We tried removing the springs to reduce downpressure but then the wings got stuck up in the air. 

We've been using AR500 in place of whatever OEM is. Seems like we went thicker than OEM as well. 

Sorry, it was a couple years ago and I don't remember specifics. I can check and get back to you. 

Doing the same thing on our Normand blowers too. Cheaper than buying OEM replacements.


----------



## Neige (Jan 29, 2008)

The LiveBoxx plows skid shoes are made from AR400 steel. If the are wearing out quickly in the the front means the operators are putting to much forward curl on the plow.
What Mark suggested is not a bad idea, by removing the down pressure spring your skid shoes will float better and not wear out prematurely in front. If you find the wings sticking try and loosen the main bolt a quarter turn.
Your LiveEdge hydraulic wing plows have carbide inserts in both the main moldboard and on the wings, that is why they are lasting so long.
Typically you will need to replace the wing cutting edges at least once more then the main moldboard.
If you have any questions you can call me directly at 514-608-4675, I will be happy to discuss this in greater detail.


----------



## DeVries (Nov 27, 2007)

Now that's why you buy metal pless. The guy gives you his number and will take your call and answer your questions.


----------



## WIPensFan (Jan 31, 2009)

Neige said:


> The LiveBoxx plows skid shoes are made from AR400 steel. If the are wearing out quickly in the the front means the operators are putting to much forward curl on the plow.
> What Mark suggested is not a bad idea, by removing the down pressure spring your skid shoes will float better and not wear out prematurely in front. If you find the wings sticking try and loosen the main bolt a quarter turn.
> Your LiveEdge hydraulic wing plows have carbide inserts in both the main moldboard and on the wings, that is why they are lasting so long.
> Typically you will need to replace the wing cutting edges at least once more then the main moldboard.
> If you have any questions you can call me directly at 514-608-4675, I will be happy to discuss this in greater detail.

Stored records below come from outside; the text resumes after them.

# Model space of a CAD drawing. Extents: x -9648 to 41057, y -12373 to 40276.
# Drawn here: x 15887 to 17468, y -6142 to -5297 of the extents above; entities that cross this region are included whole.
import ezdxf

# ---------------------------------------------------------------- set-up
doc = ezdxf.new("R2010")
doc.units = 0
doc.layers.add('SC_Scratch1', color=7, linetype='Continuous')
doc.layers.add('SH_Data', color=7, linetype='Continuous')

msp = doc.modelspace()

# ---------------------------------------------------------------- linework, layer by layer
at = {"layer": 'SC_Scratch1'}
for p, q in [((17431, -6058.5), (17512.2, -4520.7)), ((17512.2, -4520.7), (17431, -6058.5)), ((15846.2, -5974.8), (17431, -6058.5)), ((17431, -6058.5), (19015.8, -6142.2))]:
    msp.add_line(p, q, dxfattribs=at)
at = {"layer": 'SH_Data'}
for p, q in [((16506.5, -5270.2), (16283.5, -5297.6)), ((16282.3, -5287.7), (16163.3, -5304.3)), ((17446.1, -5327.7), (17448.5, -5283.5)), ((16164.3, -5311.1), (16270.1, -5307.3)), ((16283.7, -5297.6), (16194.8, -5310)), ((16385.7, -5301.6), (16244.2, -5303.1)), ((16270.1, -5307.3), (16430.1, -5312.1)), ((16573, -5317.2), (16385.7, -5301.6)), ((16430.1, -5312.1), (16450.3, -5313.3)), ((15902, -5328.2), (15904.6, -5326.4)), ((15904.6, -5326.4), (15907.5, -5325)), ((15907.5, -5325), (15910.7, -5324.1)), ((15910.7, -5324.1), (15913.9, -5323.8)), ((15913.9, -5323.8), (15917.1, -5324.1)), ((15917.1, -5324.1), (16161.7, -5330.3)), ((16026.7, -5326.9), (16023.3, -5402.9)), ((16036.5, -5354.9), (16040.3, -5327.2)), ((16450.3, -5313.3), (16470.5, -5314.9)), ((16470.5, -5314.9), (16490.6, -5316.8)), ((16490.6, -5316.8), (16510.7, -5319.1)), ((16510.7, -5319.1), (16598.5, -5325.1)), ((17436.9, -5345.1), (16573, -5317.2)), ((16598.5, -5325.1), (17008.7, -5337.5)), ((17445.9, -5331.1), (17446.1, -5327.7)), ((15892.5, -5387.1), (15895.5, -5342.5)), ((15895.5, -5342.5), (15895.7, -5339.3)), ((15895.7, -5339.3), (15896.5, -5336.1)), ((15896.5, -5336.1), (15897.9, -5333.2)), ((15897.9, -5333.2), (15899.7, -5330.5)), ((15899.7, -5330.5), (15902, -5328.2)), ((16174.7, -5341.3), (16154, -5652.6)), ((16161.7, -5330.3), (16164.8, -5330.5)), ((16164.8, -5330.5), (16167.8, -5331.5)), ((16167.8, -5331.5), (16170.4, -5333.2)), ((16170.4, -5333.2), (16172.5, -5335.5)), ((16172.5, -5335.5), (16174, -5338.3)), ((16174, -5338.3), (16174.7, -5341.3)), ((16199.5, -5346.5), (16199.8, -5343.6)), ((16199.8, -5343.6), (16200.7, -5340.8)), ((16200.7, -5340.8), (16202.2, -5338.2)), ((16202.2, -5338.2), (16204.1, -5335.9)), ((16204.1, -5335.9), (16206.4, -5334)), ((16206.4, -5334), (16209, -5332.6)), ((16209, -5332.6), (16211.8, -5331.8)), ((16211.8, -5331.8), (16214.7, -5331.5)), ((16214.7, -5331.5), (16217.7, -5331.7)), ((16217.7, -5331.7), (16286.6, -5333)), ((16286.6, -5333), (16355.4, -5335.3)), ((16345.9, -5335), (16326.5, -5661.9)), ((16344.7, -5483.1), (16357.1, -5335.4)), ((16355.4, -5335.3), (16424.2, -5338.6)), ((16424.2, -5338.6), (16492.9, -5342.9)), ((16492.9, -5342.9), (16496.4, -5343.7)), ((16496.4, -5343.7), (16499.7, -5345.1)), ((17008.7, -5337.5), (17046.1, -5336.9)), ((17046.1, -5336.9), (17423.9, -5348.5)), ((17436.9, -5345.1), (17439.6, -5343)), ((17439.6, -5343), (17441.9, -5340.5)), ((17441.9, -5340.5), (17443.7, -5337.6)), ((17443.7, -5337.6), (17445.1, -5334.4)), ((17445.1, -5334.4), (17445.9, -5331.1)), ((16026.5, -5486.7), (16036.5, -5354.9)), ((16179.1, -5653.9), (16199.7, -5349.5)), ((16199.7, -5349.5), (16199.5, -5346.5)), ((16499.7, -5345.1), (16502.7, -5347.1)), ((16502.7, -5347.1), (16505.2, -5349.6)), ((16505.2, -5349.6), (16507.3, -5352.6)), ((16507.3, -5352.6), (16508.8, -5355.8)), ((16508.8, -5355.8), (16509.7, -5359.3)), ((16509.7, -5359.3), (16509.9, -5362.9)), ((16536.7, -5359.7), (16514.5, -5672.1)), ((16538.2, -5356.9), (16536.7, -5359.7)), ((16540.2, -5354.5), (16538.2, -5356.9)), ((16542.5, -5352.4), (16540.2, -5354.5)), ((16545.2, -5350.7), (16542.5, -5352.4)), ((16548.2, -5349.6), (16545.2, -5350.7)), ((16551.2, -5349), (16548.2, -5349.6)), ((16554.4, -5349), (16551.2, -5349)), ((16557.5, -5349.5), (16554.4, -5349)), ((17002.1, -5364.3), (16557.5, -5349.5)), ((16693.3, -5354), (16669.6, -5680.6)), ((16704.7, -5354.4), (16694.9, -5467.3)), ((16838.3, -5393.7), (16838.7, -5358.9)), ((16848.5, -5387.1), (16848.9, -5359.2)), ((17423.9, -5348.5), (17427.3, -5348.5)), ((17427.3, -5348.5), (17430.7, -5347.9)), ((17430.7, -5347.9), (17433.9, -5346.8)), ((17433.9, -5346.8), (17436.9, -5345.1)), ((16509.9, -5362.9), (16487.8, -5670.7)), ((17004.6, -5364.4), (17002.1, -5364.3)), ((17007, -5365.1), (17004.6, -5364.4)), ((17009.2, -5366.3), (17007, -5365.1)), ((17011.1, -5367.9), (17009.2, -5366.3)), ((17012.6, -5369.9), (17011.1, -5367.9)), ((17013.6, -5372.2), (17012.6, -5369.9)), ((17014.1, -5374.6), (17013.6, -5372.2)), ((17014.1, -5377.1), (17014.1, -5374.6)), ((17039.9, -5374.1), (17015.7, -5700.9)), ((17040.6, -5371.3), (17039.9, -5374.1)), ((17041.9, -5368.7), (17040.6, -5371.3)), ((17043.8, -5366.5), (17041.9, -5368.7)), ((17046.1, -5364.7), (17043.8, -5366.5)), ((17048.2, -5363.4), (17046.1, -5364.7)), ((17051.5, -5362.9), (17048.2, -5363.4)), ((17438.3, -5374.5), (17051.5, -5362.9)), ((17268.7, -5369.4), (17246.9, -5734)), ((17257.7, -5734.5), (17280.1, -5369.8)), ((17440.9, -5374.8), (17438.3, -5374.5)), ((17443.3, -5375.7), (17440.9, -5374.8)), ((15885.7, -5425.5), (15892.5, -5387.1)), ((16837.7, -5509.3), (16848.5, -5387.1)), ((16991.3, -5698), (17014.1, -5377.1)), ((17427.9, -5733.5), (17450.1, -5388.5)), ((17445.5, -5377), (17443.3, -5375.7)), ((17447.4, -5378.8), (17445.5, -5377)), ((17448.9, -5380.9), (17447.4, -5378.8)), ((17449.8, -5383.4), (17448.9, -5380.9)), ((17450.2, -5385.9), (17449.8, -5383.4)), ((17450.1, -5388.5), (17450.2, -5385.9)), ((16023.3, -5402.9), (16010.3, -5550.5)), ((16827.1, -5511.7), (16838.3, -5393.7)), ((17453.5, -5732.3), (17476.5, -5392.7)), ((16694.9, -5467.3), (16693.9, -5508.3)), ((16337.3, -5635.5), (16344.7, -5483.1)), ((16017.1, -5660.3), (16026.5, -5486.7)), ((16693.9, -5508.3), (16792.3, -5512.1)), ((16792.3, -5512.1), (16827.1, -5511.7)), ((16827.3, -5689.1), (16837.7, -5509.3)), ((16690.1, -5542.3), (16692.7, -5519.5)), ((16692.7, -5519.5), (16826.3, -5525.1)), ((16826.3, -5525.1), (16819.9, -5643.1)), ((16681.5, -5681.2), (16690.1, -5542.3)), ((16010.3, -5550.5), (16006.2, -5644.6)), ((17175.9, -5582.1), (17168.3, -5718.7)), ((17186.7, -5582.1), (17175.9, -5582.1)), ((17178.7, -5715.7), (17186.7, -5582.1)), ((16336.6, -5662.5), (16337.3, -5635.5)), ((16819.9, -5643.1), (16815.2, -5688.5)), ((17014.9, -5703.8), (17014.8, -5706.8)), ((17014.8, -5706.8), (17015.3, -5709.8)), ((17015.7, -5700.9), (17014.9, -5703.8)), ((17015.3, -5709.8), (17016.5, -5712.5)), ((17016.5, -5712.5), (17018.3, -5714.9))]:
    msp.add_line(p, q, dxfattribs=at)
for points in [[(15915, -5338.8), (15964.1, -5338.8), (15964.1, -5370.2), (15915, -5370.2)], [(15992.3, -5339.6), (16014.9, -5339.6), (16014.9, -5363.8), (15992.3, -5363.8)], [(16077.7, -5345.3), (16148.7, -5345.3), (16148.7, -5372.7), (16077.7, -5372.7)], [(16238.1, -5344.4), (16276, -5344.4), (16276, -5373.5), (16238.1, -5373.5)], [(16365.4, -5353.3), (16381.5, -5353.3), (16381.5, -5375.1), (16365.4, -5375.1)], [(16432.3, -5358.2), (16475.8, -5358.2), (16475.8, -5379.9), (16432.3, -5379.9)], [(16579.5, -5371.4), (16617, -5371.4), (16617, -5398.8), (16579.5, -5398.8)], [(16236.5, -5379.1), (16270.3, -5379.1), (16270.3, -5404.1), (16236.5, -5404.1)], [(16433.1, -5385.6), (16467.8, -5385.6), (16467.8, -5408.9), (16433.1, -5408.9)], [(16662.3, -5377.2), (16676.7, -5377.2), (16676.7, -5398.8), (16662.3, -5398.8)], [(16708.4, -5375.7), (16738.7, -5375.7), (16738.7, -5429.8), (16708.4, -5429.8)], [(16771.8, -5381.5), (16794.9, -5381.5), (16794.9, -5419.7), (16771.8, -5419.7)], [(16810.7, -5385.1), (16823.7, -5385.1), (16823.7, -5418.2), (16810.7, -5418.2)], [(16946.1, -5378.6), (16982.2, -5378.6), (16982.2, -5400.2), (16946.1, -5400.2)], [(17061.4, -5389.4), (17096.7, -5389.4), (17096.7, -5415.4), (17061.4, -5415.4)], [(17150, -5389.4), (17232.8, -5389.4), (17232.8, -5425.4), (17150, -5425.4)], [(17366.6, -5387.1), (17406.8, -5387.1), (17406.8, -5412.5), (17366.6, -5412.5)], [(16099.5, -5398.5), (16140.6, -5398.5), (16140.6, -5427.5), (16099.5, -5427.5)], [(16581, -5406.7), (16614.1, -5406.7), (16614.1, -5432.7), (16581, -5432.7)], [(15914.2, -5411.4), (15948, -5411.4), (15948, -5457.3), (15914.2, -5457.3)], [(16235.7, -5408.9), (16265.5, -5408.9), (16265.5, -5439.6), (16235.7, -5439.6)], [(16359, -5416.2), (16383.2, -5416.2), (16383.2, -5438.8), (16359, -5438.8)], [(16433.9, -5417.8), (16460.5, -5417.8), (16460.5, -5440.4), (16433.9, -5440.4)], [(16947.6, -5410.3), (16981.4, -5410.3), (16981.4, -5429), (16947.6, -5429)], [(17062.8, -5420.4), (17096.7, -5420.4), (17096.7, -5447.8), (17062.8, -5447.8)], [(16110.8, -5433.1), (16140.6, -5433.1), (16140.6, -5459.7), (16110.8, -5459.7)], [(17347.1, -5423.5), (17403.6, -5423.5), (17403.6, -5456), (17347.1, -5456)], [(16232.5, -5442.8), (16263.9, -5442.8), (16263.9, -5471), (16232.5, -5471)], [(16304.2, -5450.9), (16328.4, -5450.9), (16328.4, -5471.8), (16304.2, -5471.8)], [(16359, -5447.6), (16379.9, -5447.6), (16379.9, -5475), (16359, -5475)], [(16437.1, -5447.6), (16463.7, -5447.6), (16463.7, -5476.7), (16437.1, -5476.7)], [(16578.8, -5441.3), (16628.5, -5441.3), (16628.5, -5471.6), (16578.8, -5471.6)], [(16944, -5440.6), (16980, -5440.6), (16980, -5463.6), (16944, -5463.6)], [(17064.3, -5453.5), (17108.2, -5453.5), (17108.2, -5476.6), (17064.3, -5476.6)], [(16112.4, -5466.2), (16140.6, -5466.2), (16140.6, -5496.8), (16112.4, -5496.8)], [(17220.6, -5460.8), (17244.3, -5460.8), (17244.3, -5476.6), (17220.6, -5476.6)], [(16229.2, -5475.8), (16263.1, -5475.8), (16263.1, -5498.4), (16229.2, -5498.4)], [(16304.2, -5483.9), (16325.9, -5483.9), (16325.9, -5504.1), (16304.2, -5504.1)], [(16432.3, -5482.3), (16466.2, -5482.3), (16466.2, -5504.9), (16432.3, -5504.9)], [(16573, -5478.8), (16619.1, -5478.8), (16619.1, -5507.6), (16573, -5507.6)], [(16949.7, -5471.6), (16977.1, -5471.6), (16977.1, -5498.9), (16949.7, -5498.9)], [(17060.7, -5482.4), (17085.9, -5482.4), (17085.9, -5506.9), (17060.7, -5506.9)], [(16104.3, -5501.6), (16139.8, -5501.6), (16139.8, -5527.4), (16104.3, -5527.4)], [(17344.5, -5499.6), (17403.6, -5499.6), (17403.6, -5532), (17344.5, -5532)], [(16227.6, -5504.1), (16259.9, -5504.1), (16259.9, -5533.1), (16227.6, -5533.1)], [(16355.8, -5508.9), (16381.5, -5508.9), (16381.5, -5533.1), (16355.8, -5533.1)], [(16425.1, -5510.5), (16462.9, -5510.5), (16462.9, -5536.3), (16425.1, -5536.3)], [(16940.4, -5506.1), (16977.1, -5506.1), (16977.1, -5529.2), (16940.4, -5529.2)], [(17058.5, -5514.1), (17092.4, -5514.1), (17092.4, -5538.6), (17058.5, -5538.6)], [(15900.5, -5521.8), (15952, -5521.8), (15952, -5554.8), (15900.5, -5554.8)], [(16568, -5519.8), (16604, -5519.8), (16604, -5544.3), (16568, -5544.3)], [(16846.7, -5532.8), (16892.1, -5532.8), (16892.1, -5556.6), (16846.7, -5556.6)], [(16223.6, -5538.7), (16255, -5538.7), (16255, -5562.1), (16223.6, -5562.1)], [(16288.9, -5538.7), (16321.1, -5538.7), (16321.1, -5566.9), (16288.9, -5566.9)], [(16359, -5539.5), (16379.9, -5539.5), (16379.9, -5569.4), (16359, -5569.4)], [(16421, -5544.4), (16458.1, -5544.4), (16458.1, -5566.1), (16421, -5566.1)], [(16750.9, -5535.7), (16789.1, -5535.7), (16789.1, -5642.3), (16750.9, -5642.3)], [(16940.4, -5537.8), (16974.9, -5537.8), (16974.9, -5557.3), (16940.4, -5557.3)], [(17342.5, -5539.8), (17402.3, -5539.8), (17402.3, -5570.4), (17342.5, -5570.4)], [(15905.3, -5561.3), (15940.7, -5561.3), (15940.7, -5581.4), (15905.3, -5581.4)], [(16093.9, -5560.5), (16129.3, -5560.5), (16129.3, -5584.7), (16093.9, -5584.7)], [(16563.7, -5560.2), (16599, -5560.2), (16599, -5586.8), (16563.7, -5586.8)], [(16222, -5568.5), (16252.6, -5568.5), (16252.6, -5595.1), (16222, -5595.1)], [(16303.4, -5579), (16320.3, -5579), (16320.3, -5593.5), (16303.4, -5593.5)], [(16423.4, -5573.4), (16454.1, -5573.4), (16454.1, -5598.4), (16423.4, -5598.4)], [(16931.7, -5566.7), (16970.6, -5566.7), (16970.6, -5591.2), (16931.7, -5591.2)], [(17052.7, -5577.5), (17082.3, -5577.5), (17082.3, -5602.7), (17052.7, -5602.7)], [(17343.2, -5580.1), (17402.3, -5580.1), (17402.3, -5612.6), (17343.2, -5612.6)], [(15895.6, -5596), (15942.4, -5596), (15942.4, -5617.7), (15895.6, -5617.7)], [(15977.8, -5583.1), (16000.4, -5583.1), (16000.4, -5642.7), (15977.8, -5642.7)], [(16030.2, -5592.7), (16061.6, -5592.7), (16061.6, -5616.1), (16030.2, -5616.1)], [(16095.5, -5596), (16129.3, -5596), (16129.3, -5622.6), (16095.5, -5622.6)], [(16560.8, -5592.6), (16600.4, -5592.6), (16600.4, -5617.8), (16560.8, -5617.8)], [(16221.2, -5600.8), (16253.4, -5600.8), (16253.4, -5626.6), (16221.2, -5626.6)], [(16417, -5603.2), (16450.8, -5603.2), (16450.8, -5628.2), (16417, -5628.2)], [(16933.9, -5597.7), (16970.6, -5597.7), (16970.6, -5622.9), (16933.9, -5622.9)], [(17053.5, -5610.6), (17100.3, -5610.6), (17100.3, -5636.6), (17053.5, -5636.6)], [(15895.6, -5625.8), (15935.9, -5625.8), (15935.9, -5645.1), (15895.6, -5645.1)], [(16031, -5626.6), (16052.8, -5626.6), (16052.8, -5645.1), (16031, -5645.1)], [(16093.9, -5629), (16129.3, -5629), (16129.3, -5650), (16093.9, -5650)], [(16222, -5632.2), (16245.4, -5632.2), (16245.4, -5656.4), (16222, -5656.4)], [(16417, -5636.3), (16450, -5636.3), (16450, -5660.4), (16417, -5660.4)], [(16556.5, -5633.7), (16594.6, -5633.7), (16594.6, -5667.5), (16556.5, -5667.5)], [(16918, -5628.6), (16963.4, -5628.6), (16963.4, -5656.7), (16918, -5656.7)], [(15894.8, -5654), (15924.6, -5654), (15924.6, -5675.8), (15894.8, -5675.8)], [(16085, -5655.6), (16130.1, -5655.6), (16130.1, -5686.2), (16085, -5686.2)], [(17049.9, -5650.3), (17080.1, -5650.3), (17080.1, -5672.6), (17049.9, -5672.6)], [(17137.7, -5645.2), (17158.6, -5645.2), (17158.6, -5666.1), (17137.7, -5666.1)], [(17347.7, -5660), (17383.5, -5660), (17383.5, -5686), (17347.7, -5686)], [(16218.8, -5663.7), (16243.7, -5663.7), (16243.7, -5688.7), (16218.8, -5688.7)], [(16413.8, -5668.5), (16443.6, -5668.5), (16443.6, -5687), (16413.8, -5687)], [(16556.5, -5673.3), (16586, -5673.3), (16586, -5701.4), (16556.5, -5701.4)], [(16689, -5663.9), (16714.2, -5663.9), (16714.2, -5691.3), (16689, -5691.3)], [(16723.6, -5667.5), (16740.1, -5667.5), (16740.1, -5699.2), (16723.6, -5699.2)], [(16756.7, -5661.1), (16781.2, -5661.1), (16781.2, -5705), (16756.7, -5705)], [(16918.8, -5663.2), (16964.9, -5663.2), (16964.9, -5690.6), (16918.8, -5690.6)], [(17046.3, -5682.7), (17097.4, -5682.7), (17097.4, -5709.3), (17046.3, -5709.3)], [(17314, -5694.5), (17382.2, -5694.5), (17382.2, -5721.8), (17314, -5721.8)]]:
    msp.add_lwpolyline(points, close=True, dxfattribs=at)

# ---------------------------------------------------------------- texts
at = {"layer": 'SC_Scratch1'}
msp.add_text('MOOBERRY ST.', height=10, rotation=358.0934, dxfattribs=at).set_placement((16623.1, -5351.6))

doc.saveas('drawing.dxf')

Why not put carbide on the LiveBoxx Plows skid shoes? Cost?


----------



## Mark Oomkes (Dec 10, 2000)

Neige said:


> What Mark suggested is not a bad idea, by removing the down pressure spring your skid shoes will float better and not wear out prematurely in front. If you find the wings sticking try and loosen the main bolt a quarter turn.


Interesting, this would make sense why we didn't have problems on our 10' LiveBoxx but did on our 18'.


----------



## abbe (Sep 8, 2009)

The guys are going to start running through these for preseason prep this week. I'm going to tinker with the springs like you both talked about and see if the reduction in pressure allows less force on the front skis. 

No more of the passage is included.